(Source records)
----------------------------------------

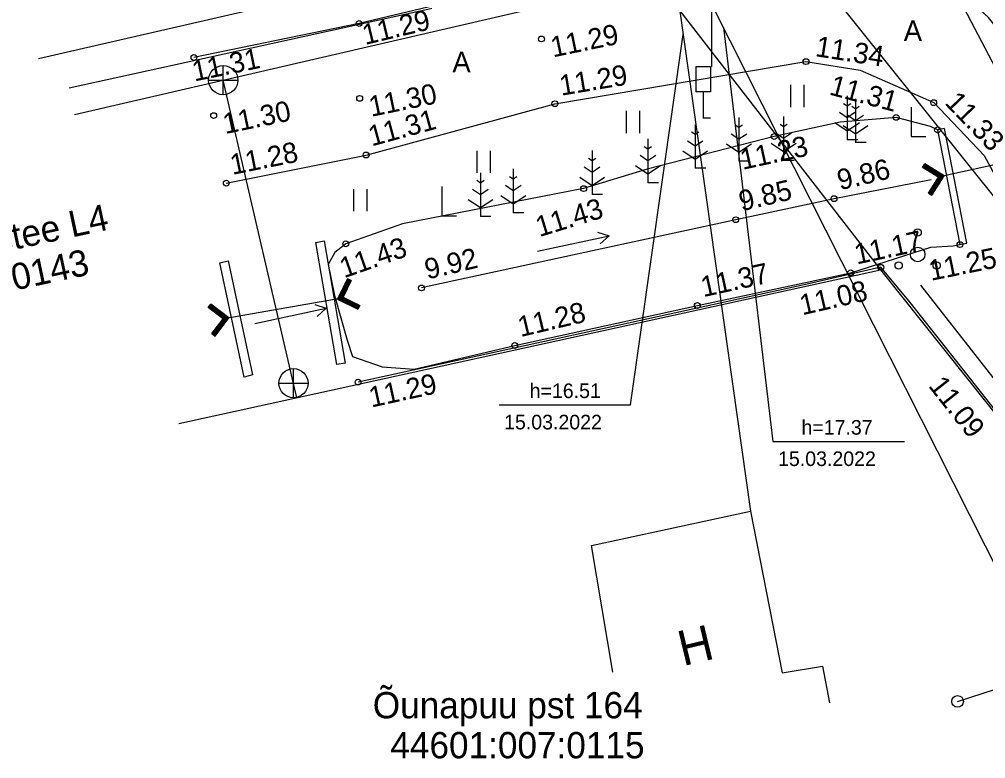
# Model space of a CAD drawing. Extents: x 554198 to 554371, y 6593448 to 6593563.
# Drawn here: x 554226.32 to 554259.39, y 6593474.31 to 6593499.63 of the extents above; entities that cross this region are included whole.
import ezdxf

# ---------------------------------------------------------------- set-up
doc = ezdxf.new("R2010")
doc.units = 0
for name, color, linetype in [('AED', 7, 'Continuous'), ('HALJASTUS', 7, 'Continuous'), ('HOONE', 7, 'Continuous'), ('KKAEV', 7, 'Continuous'), ('KORGUS-EH2000', 7, 'Continuous'), ('KTRASS', 7, 'Continuous'), ('LIIKLUS', 7, 'Continuous'), ('MPOHULIIN', 7, 'Continuous'), ('PIIR', 7, 'Continuous'), ('POST', 7, 'Continuous'), ('PUU', 7, 'Continuous'), ('TEE', 7, 'Continuous'), ('TRUUP', 7, 'Continuous'), ('VEEKOGU', 7, 'Continuous'), ('VORK', 7, 'Continuous'), ('VTRASS', 7, 'Continuous')]:
    doc.layers.add(name, color=color, linetype=linetype)

msp = doc.modelspace()

# ---------------------------------------------------------------- linework, layer by layer
at = {"layer": 'AED'}
msp.add_lwpolyline([(554260.808, 6593479.255), (554260.236, 6593485.581), (554256.809, 6593489.922), (554255.799, 6593491.136), (554253.28, 6593490.558), (554237.91, 6593487.208)], dxfattribs=at)
at = {"layer": 'HALJASTUS'}
for p, q in [((554252.708, 6593497.382), (554252.708, 6593496.621)), ((554253.163, 6593497.382), (554253.163, 6593496.621)), ((554256.841, 6593496.615), (554256.841, 6593495.615)), ((554247.086, 6593496.49), (554247.086, 6593495.729)), ((554247.541, 6593496.49), (554247.541, 6593495.729)), ((554256.841, 6593495.615), (554257.341, 6593495.615)), ((554241.975, 6593495.13), (554241.975, 6593494.369)), ((554242.43, 6593495.13), (554242.43, 6593494.369)), ((554237.753, 6593493.815), (554237.753, 6593493.054)), ((554238.208, 6593493.815), (554238.208, 6593493.054)), ((554240.78, 6593493.903), (554240.78, 6593492.903)), ((554240.78, 6593492.903), (554241.28, 6593492.903))]:
    msp.add_line(p, q, dxfattribs=at)
msp.add_lwpolyline([(554257.157, 6593490.52), (554260.832, 6593485.839), (554261.325, 6593478.347)], dxfattribs=at)
at = {"layer": 'HOONE'}
for points in [[(554246.623, 6593477.281), (554245.894, 6593481.609), (554251.34, 6593482.787), (554252.427, 6593477.253), (554253.8, 6593477.48), (554254.039, 6593476.223)], [(554246.83, 6593476.05), (554246.83, 6593476.05)]]:
    msp.add_lwpolyline(points, dxfattribs=at)
at = {"layer": 'KKAEV'}
for p, q in [((554233.296, 6593497.045), (554233.296, 6593498.045)), ((554232.796, 6593497.545), (554233.796, 6593497.545)), ((554235.7, 6593486.67), (554235.7, 6593487.67)), ((554235.2, 6593487.17), (554236.2, 6593487.17))]:
    msp.add_line(p, q, dxfattribs=at)
for centre in [(554233.296, 6593497.545), (554235.7, 6593487.17)]:
    msp.add_circle(centre, 0.5, dxfattribs=at)
at = {"layer": 'KORGUS-EH2000'}
for centre in [(554237.947, 6593499.485), (554244.185, 6593498.955), (554232.294, 6593498.32), (554253.238, 6593498.179), (554237.965, 6593496.92), (554244.645, 6593496.737), (554257.609, 6593496.774), (554232.968, 6593496.331), (554256.324, 6593496.269), (554257.741, 6593495.842), (554252.15, 6593495.613), (554238.185, 6593494.981), (554233.4, 6593494.02), (554245.63, 6593493.83), (554254.198, 6593493.486), (554250.833, 6593492.766), (554237.49, 6593491.94), (554258.506, 6593491.913), (554254.77, 6593490.95), (554255.799, 6593491.136), (554240.08, 6593490.43), (554249.52, 6593489.83), (554243.27, 6593488.46), (554237.91, 6593487.208)]:
    msp.add_circle(centre, 0.1, dxfattribs=at)
at = {"layer": 'KTRASS'}
for points in [[(554255.375, 6593506.25), (554262.98, 6593491.74)], [(554228.21, 6593496.367), (554251.4, 6593501.74)], [(554235.815, 6593486.673), (554233.296, 6593497.545)]]:
    msp.add_lwpolyline(points, dxfattribs=at)
at = {"layer": 'LIIKLUS'}
for points in [[(554249.468, 6593497.995), (554249.468, 6593497.145)], [(554249.968, 6593497.995), (554249.468, 6593497.995)], [(554249.968, 6593497.995), (554249.968, 6593497.145)], [(554249.968, 6593497.145), (554249.468, 6593497.145)], [(554249.718, 6593497.145), (554249.718, 6593496.245)], [(554249.968, 6593496.245), (554249.718, 6593496.245)]]:
    msp.add_lwpolyline(points, dxfattribs=at)
at = {"layer": 'MPOHULIIN'}
for points in [[(554226.975, 6593498.284), (554248.452, 6593503.231)], [(554248.452, 6593503.231), (554251.34, 6593482.787)], [(554248.452, 6593503.231), (554261.544, 6593477.284)], [(554250.41, 6593499.35), (554252.109, 6593485.174), (554256.608, 6593485.174)], [(554242.736, 6593486.428), (554242.736, 6593486.428), (554247.234, 6593486.428), (554249.034, 6593499.109)]]:
    msp.add_lwpolyline(points, dxfattribs=at)
at = {"layer": 'PIIR'}
for p, q in [((554245.13, 6593504.82), (554255.79, 6593491.05)), ((554231.775, 6593485.788), (554255.79, 6593491.05)), ((554255.79, 6593491.05), (554260.2, 6593485.51))]:
    msp.add_line(p, q, dxfattribs=at)
at = {"layer": 'POST'}
msp.add_line((554258.426, 6593476.274), (554261.544, 6593477.284), dxfattribs=at)
msp.add_circle((554258.426, 6593476.274), 0.2, dxfattribs=at)
at = {"layer": 'PUU'}
for p, q in [((554254.647, 6593497.004), (554254.647, 6593495.504)), ((554254.934, 6593496.904), (554254.934, 6593495.404)), ((554254.647, 6593496.654), (554254.523, 6593496.737)), ((554254.771, 6593496.737), (554254.647, 6593496.654)), ((554254.934, 6593496.554), (554254.81, 6593496.637)), ((554255.058, 6593496.637), (554254.934, 6593496.554)), ((554250.944, 6593496.271), (554250.944, 6593494.771)), ((554252.474, 6593496.297), (554252.474, 6593494.797)), ((554254.647, 6593496.254), (554254.38, 6593496.432)), ((554254.914, 6593496.432), (554254.647, 6593496.254)), ((554254.934, 6593496.154), (554254.667, 6593496.332)), ((554255.201, 6593496.332), (554254.934, 6593496.154)), ((554249.446, 6593496.031), (554249.446, 6593494.531)), ((554250.944, 6593495.921), (554250.82, 6593496.004)), ((554251.068, 6593496.004), (554250.944, 6593495.921)), ((554252.474, 6593495.947), (554252.35, 6593496.03)), ((554252.598, 6593496.03), (554252.474, 6593495.947)), ((554254.223, 6593496.093), (554254.647, 6593495.811)), ((554254.51, 6593495.993), (554254.934, 6593495.711)), ((554254.647, 6593495.811), (554255.071, 6593496.093)), ((554254.934, 6593495.711), (554255.358, 6593495.993)), ((554249.446, 6593495.681), (554249.322, 6593495.764)), ((554249.57, 6593495.764), (554249.446, 6593495.681)), ((554250.944, 6593495.521), (554250.677, 6593495.699)), ((554251.211, 6593495.699), (554250.944, 6593495.521)), ((554252.474, 6593495.547), (554252.207, 6593495.725)), ((554252.741, 6593495.725), (554252.474, 6593495.547)), ((554247.83, 6593495.182), (554247.706, 6593495.265)), ((554247.83, 6593495.532), (554247.83, 6593494.032)), ((554247.954, 6593495.265), (554247.83, 6593495.182)), ((554249.446, 6593495.281), (554249.179, 6593495.459)), ((554249.713, 6593495.459), (554249.446, 6593495.281)), ((554250.52, 6593495.36), (554250.944, 6593495.078)), ((554250.944, 6593495.078), (554251.368, 6593495.36)), ((554252.05, 6593495.386), (554252.474, 6593495.104)), ((554252.474, 6593495.104), (554252.898, 6593495.386)), ((554255.007, 6593495.504), (554254.647, 6593495.504)), ((554255.294, 6593495.404), (554254.934, 6593495.404)), ((554245.918, 6593495.133), (554245.918, 6593493.633)), ((554247.83, 6593494.782), (554247.563, 6593494.96)), ((554248.097, 6593494.96), (554247.83, 6593494.782)), ((554249.022, 6593495.12), (554249.446, 6593494.838)), ((554249.446, 6593494.838), (554249.87, 6593495.12)), ((554245.918, 6593494.783), (554245.794, 6593494.866)), ((554246.042, 6593494.866), (554245.918, 6593494.783)), ((554247.406, 6593494.621), (554247.83, 6593494.339)), ((554247.83, 6593494.339), (554248.254, 6593494.621)), ((554251.304, 6593494.771), (554250.944, 6593494.771)), ((554252.834, 6593494.797), (554252.474, 6593494.797)), ((554242.098, 6593494.372), (554242.098, 6593492.872)), ((554243.222, 6593494.155), (554243.098, 6593494.238)), ((554243.222, 6593494.505), (554243.222, 6593493.005)), ((554243.346, 6593494.238), (554243.222, 6593494.155)), ((554245.918, 6593494.383), (554245.651, 6593494.561)), ((554246.185, 6593494.561), (554245.918, 6593494.383)), ((554249.806, 6593494.531), (554249.446, 6593494.531)), ((554242.098, 6593494.022), (554241.974, 6593494.105)), ((554242.222, 6593494.105), (554242.098, 6593494.022)), ((554243.222, 6593493.755), (554242.955, 6593493.933)), ((554243.489, 6593493.933), (554243.222, 6593493.755)), ((554245.494, 6593494.222), (554245.918, 6593493.94)), ((554245.918, 6593493.94), (554246.342, 6593494.222)), ((554248.19, 6593494.032), (554247.83, 6593494.032)), ((554242.098, 6593493.622), (554241.831, 6593493.8)), ((554242.365, 6593493.8), (554242.098, 6593493.622)), ((554242.798, 6593493.594), (554243.222, 6593493.312)), ((554243.222, 6593493.312), (554243.646, 6593493.594)), ((554246.278, 6593493.633), (554245.918, 6593493.633)), ((554241.674, 6593493.461), (554242.098, 6593493.179)), ((554242.098, 6593493.179), (554242.522, 6593493.461)), ((554243.582, 6593493.005), (554243.222, 6593493.005)), ((554242.458, 6593492.872), (554242.098, 6593492.872))]:
    msp.add_line(p, q, dxfattribs=at)
for centre, radius in [((554257.06, 6593492.326), 0.125), ((554257.06, 6593491.576), 0.25), ((554256.41, 6593491.201), 0.125), ((554257.71, 6593491.201), 0.125)]:
    msp.add_circle(centre, radius, dxfattribs=at)
at = {"layer": 'TEE'}
for points in [[(554265.95, 6593476.82), (554265.59, 6593480.97), (554265.19, 6593483.27), (554264.491, 6593488.567), (554263.957, 6593491.18), (554262.564, 6593494.685), (554261.213, 6593497.518), (554259.482, 6593499.687), (554257.446, 6593501.567), (554254.616, 6593502.167), (554251.838, 6593502.198), (554248.68, 6593501.69), (554243.61, 6593500.842), (554237.947, 6593499.485), (554232.294, 6593498.32)], [(554233.4, 6593494.02), (554238.185, 6593494.981), (554244.645, 6593496.737), (554253.238, 6593498.179), (554255.093, 6593497.886), (554257.609, 6593496.774), (554259.336, 6593494.97), (554261.027, 6593491.848), (554261.746, 6593488.526), (554262.608, 6593483.462), (554262.89, 6593480.7), (554263.27, 6593476.83)]]:
    msp.add_lwpolyline(points, dxfattribs=at)
at = {"layer": 'TRUUP'}
for p, q in [((554257.228, 6593494.557), (554257.304, 6593494.677)), ((554257.233, 6593494.554), (554257.369, 6593494.636)), ((554257.252, 6593494.594), (554257.346, 6593494.651)), ((554257.257, 6593494.539), (554257.393, 6593494.621)), ((554257.865, 6593494.241), (554257.266, 6593494.617)), ((554257.28, 6593494.524), (554257.417, 6593494.606)), ((554257.282, 6593494.641), (554257.322, 6593494.666)), ((554257.963, 6593494.263), (554257.304, 6593494.677)), ((554257.304, 6593494.509), (554257.441, 6593494.592)), ((554257.328, 6593494.494), (554257.464, 6593494.577)), ((554257.767, 6593494.219), (554257.228, 6593494.557)), ((554257.352, 6593494.479), (554257.488, 6593494.562)), ((554257.375, 6593494.464), (554257.512, 6593494.547)), ((554257.399, 6593494.45), (554257.535, 6593494.532)), ((554257.423, 6593494.435), (554257.559, 6593494.517)), ((554257.446, 6593494.42), (554257.583, 6593494.502)), ((554257.47, 6593494.405), (554257.607, 6593494.487)), ((554257.489, 6593493.642), (554257.865, 6593494.241)), ((554257.494, 6593494.39), (554257.63, 6593494.472)), ((554257.518, 6593494.375), (554257.654, 6593494.458)), ((554257.541, 6593494.36), (554257.678, 6593494.443)), ((554257.549, 6593493.604), (554257.963, 6593494.263)), ((554257.565, 6593494.345), (554257.701, 6593494.428)), ((554257.589, 6593494.33), (554257.725, 6593494.413)), ((554257.612, 6593494.316), (554257.749, 6593494.398)), ((554257.636, 6593494.301), (554257.773, 6593494.383)), ((554257.66, 6593494.286), (554257.796, 6593494.368)), ((554257.683, 6593494.271), (554257.82, 6593494.353)), ((554257.694, 6593494.102), (554257.962, 6593494.264)), ((554257.707, 6593494.256), (554257.844, 6593494.338)), ((554257.723, 6593494.149), (554257.938, 6593494.279)), ((554257.731, 6593494.241), (554257.867, 6593494.324)), ((554257.753, 6593494.196), (554257.915, 6593494.294)), ((554257.755, 6593494.226), (554257.891, 6593494.309)), ((554257.429, 6593493.68), (554257.767, 6593494.219)), ((554257.487, 6593493.772), (554257.758, 6593493.936)), ((554257.516, 6593493.819), (554257.787, 6593493.983)), ((554257.546, 6593493.866), (554257.817, 6593494.03)), ((554257.575, 6593493.914), (554257.846, 6593494.077)), ((554257.605, 6593493.961), (554257.876, 6593494.124)), ((554257.634, 6593494.008), (554257.905, 6593494.171)), ((554257.664, 6593494.055), (554257.935, 6593494.218)), ((554257.429, 6593493.68), (554257.549, 6593493.604)), ((554257.43, 6593493.679), (554257.698, 6593493.842)), ((554257.453, 6593493.665), (554257.669, 6593493.795)), ((554257.457, 6593493.725), (554257.728, 6593493.889)), ((554257.477, 6593493.65), (554257.639, 6593493.748)), ((554257.501, 6593493.635), (554257.61, 6593493.701)), ((554257.524, 6593493.62), (554257.58, 6593493.654)), ((554237.548, 6593490.746), (554237.205, 6593490.048)), ((554237.612, 6593490.714), (554237.3, 6593490.08)), ((554237.676, 6593490.683), (554237.395, 6593490.112)), ((554237.652, 6593490.635), (554237.4, 6593490.444)), ((554237.675, 6593490.684), (554237.424, 6593490.494)), ((554237.65, 6593490.696), (554237.449, 6593490.544)), ((554237.625, 6593490.708), (554237.473, 6593490.594)), ((554237.6, 6593490.721), (554237.498, 6593490.644)), ((554237.575, 6593490.733), (554237.523, 6593490.694)), ((554237.676, 6593490.683), (554237.548, 6593490.746)), ((554237.481, 6593490.286), (554237.228, 6593490.095)), ((554237.505, 6593490.336), (554237.253, 6593490.145)), ((554237.53, 6593490.386), (554237.277, 6593490.195)), ((554237.554, 6593490.436), (554237.302, 6593490.245)), ((554237.579, 6593490.485), (554237.326, 6593490.295)), ((554237.603, 6593490.535), (554237.351, 6593490.345)), ((554237.628, 6593490.585), (554237.375, 6593490.394)), ((554237.205, 6593490.048), (554237.903, 6593489.704)), ((554237.456, 6593490.236), (554237.206, 6593490.047)), ((554237.432, 6593490.186), (554237.231, 6593490.035)), ((554237.407, 6593490.137), (554237.256, 6593490.022)), ((554237.408, 6593490.106), (554237.281, 6593490.01)), ((554237.3, 6593490.08), (554237.934, 6593489.768)), ((554237.433, 6593490.094), (554237.306, 6593489.998)), ((554237.459, 6593490.081), (554237.331, 6593489.985)), ((554237.484, 6593490.069), (554237.356, 6593489.973)), ((554237.509, 6593490.057), (554237.382, 6593489.961)), ((554237.395, 6593490.112), (554237.966, 6593489.832)), ((554237.534, 6593490.044), (554237.407, 6593489.948)), ((554237.559, 6593490.032), (554237.432, 6593489.936)), ((554237.584, 6593490.02), (554237.457, 6593489.923)), ((554237.609, 6593490.007), (554237.482, 6593489.911)), ((554237.634, 6593489.995), (554237.507, 6593489.899)), ((554237.659, 6593489.982), (554237.532, 6593489.886)), ((554237.685, 6593489.97), (554237.557, 6593489.874)), ((554237.71, 6593489.958), (554237.583, 6593489.862)), ((554237.735, 6593489.945), (554237.608, 6593489.849)), ((554232.784, 6593489.762), (554232.871, 6593489.875)), ((554233.29, 6593489.376), (554232.784, 6593489.762)), ((554232.789, 6593489.758), (554232.932, 6593489.828)), ((554232.811, 6593489.797), (554232.91, 6593489.845)), ((554232.811, 6593489.741), (554232.954, 6593489.811)), ((554233.39, 6593489.39), (554232.827, 6593489.818)), ((554232.833, 6593489.725), (554232.977, 6593489.794)), ((554232.845, 6593489.841), (554232.888, 6593489.862)), ((554232.856, 6593489.708), (554232.999, 6593489.777)), ((554233.49, 6593489.404), (554232.871, 6593489.875)), ((554232.878, 6593489.691), (554233.021, 6593489.76)), ((554232.9, 6593489.674), (554233.043, 6593489.743)), ((554232.922, 6593489.657), (554233.066, 6593489.726)), ((554232.945, 6593489.64), (554233.088, 6593489.709)), ((554232.967, 6593489.623), (554233.11, 6593489.693)), ((554232.989, 6593489.606), (554233.133, 6593489.676)), ((554233.011, 6593489.589), (554233.155, 6593489.659)), ((554233.034, 6593489.572), (554233.177, 6593489.642)), ((554233.056, 6593489.555), (554233.199, 6593489.625)), ((554233.078, 6593489.538), (554233.222, 6593489.608)), ((554234.378, 6593489.216), (554236.823, 6593489.733)), ((554236.43, 6593489.861), (554236.823, 6593489.733)), ((554236.516, 6593489.457), (554236.823, 6593489.733)), ((554237.76, 6593489.933), (554237.633, 6593489.837)), ((554237.785, 6593489.921), (554237.658, 6593489.825)), ((554237.81, 6593489.908), (554237.683, 6593489.812)), ((554237.835, 6593489.896), (554237.708, 6593489.8)), ((554237.86, 6593489.884), (554237.733, 6593489.788)), ((554237.886, 6593489.871), (554237.758, 6593489.775)), ((554237.911, 6593489.859), (554237.783, 6593489.763)), ((554237.936, 6593489.847), (554237.809, 6593489.75)), ((554237.961, 6593489.834), (554237.834, 6593489.738)), ((554237.946, 6593489.792), (554237.859, 6593489.726)), ((554237.922, 6593489.742), (554237.884, 6593489.713)), ((554237.966, 6593489.832), (554237.903, 6593489.704)), ((554232.905, 6593488.871), (554233.29, 6593489.376)), ((554232.962, 6593488.827), (554233.39, 6593489.39)), ((554233.018, 6593488.784), (554233.49, 6593489.404)), ((554233.101, 6593489.521), (554233.244, 6593489.591)), ((554233.123, 6593489.504), (554233.266, 6593489.574)), ((554233.139, 6593489.178), (554233.424, 6593489.317)), ((554233.145, 6593489.487), (554233.288, 6593489.557)), ((554233.167, 6593489.47), (554233.311, 6593489.54)), ((554233.173, 6593489.223), (554233.457, 6593489.361)), ((554233.19, 6593489.453), (554233.333, 6593489.523)), ((554233.207, 6593489.267), (554233.489, 6593489.404)), ((554233.212, 6593489.436), (554233.355, 6593489.506)), ((554233.234, 6593489.419), (554233.378, 6593489.489)), ((554233.24, 6593489.311), (554233.467, 6593489.421)), ((554233.256, 6593489.402), (554233.4, 6593489.472)), ((554233.274, 6593489.355), (554233.444, 6593489.438)), ((554233.279, 6593489.385), (554233.422, 6593489.455)), ((554232.906, 6593488.87), (554233.188, 6593489.007)), ((554232.928, 6593488.853), (554233.155, 6593488.963)), ((554232.937, 6593488.913), (554233.222, 6593489.052)), ((554232.971, 6593488.957), (554233.255, 6593489.096)), ((554233.005, 6593489.002), (554233.289, 6593489.14)), ((554233.038, 6593489.046), (554233.323, 6593489.184)), ((554233.072, 6593489.09), (554233.356, 6593489.228)), ((554233.106, 6593489.134), (554233.39, 6593489.273)), ((554232.905, 6593488.871), (554233.018, 6593488.784)), ((554232.95, 6593488.836), (554233.121, 6593488.919)), ((554232.973, 6593488.819), (554233.087, 6593488.875)), ((554232.995, 6593488.802), (554233.054, 6593488.831))]:
    msp.add_line(p, q, dxfattribs=at)
msp.add_lwpolyline([(554258.742, 6593491.959), (554257.977, 6593495.888), (554257.741, 6593495.842), (554258.506, 6593491.913)], close=True, dxfattribs=at)
for points in [[(554264.172, 6593495.631), (554257.865, 6593494.241)], [(554236.46, 6593491.99), (554236.75, 6593492.04), (554237.47, 6593487.86), (554237.18, 6593487.81), (554236.46, 6593491.99)], [(554233.18, 6593491.29), (554233.47, 6593491.36), (554234.3, 6593487.45), (554234.01, 6593487.38), (554233.18, 6593491.29)], [(554233.39, 6593489.39), (554237.3, 6593490.08)]]:
    msp.add_lwpolyline(points, dxfattribs=at)
at = {"layer": 'VEEKOGU'}
for p in [(554246.107, 6593492.343), (554244.056, 6593491.69), (554246.194, 6593491.939)]:
    msp.add_line(p, (554246.5, 6593492.216), dxfattribs=at)
for points in [[(554257.741, 6593495.842), (554257.497, 6593495.955), (554256.324, 6593496.269), (554254.409, 6593496.104), (554252.15, 6593495.613), (554247.805, 6593494.493), (554245.63, 6593493.83), (554239.43, 6593492.62), (554237.49, 6593491.94), (554237.11, 6593491.64), (554236.89, 6593491.23), (554237.109, 6593490.17), (554237.54, 6593488.64), (554237.72, 6593488.08), (554238.74, 6593487.73), (554239.83, 6593487.65), (554243.27, 6593488.46), (554249.52, 6593489.83), (554254.77, 6593490.95), (554257.511, 6593491.825), (554258.278, 6593491.867), (554258.506, 6593491.913)], [(554257.527, 6593494.134), (554254.198, 6593493.486), (554250.833, 6593492.766), (554240.08, 6593490.43)]]:
    msp.add_lwpolyline(points, dxfattribs=at)
at = {"layer": 'VORK'}
msp.add_line((554250, 6593502), (554250, 6593498), dxfattribs=at)
at = {"layer": 'VTRASS'}
for points in [[(554260.701, 6593492.276), (554252.41, 6593502.64), (554244.08, 6593513.051)], [(554228.019, 6593497.285), (554252.41, 6593502.64)]]:
    msp.add_lwpolyline(points, dxfattribs=at)

# ---------------------------------------------------------------- texts
at = {"layer": 'HOONE'}
msp.add_text('H', height=1.2, rotation=13.4652, dxfattribs=at).set_placement((554249.029, 6593477.479))
at = {"layer": 'KORGUS-EH2000'}
for s, rotation, p in [(' 11.29 ', 13.4755, (554237.897, 6593498.686)), (' 11.29 ', 11.6448, (554244.326, 6593498.269)), (' 11.34 ', 351.0242, (554253.274, 6593498.409)), (' 11.31 ', 11.6448, (554232.055, 6593497.444)), (' 11.29 ', 9.5261, (554244.606, 6593496.967)), (' 11.31 ', 345.0139, (554253.752, 6593497.126)), (' 11.30 ', 11.6448, (554238.106, 6593496.234)), (' 11.33 ', 313.7508, (554257.778, 6593496.935)), (' 11.30 ', 11.6448, (554233.109, 6593495.645)), (' 11.31 ', 15.2071, (554238.124, 6593495.206)), (' 11.23 ', 12.2627, (554250.816, 6593494.417)), (' 11.28 ', 11.356, (554233.354, 6593494.249)), (' 9.86 ', 13.2498, (554254.145, 6593493.713)), (' 9.85 ', 13.2498, (554250.78, 6593492.993)), (' 11.43 ', 16.9527, (554243.866, 6593492.094)), (' 11.17 ', 12.0426, (554254.721, 6593491.178)), (' 11.43 ', 19.3164, (554237.188, 6593490.673)), (' 9.92 ', 13.2498, (554240.027, 6593490.657)), (' 11.25 ', 11.4066, (554257.261, 6593490.622)), (' 11.37 ', 12.3637, (554249.47, 6593490.058)), (' 11.08 ', 12.9232, (554252.858, 6593489.435)), (' 11.28 ', 13.2498, (554243.217, 6593488.687)), (' 11.29 ', 12.2957, (554238.112, 6593486.28)), (' 11.09 ', 308.2893, (554257.245, 6593487.274))]:
    msp.add_text(s, height=0.7, rotation=rotation, dxfattribs=at).set_placement(p)
at = {"layer": 'MPOHULIIN'}
for s, p in [('h=16.51', (554243.782, 6593486.66)), ('15.03.2022', (554242.908, 6593485.588)), ('h=17.37', (554253.083, 6593485.407)), ('15.03.2022', (554252.282, 6593484.334))]:
    msp.add_text(s, height=0.5, dxfattribs=at).set_placement(p)
at = {"layer": 'PIIR'}
for s, p in [('Õunapuu puiestee L4', (554218.168, 6593490.037)), ('44601:001:0143', (554220.255, 6593489.082))]:
    msp.add_text(s, height=0.9, rotation=12.0272, dxfattribs=at).set_placement(p)
for s, p in [('Õunapuu pst 164', (554238.414, 6593475.696)), ('44601:007:0115', (554239.014, 6593474.327))]:
    msp.add_text(s, height=0.9, dxfattribs=at).set_placement(p)
at = {"layer": 'TEE'}
for p in [(554256.584, 6593498.887), (554241.139, 6593497.814)]:
    msp.add_text('A', height=0.7, dxfattribs=at).set_placement(p)

doc.saveas('drawing.dxf')

----------------------------------------

**TASK GOAL**
Could you reproduce exactly, and only, the lines from the start of the records through the line containing "import ezdxf", leaving out the pictures?

**EXERCISE SOLUTION**
# Model space of a CAD drawing. Extents: x 554198 to 554371, y 6593448 to 6593563.
# Drawn here: x 554226.32 to 554259.39, y 6593474.31 to 6593499.63 of the extents above; entities that cross this region are included whole.
import ezdxf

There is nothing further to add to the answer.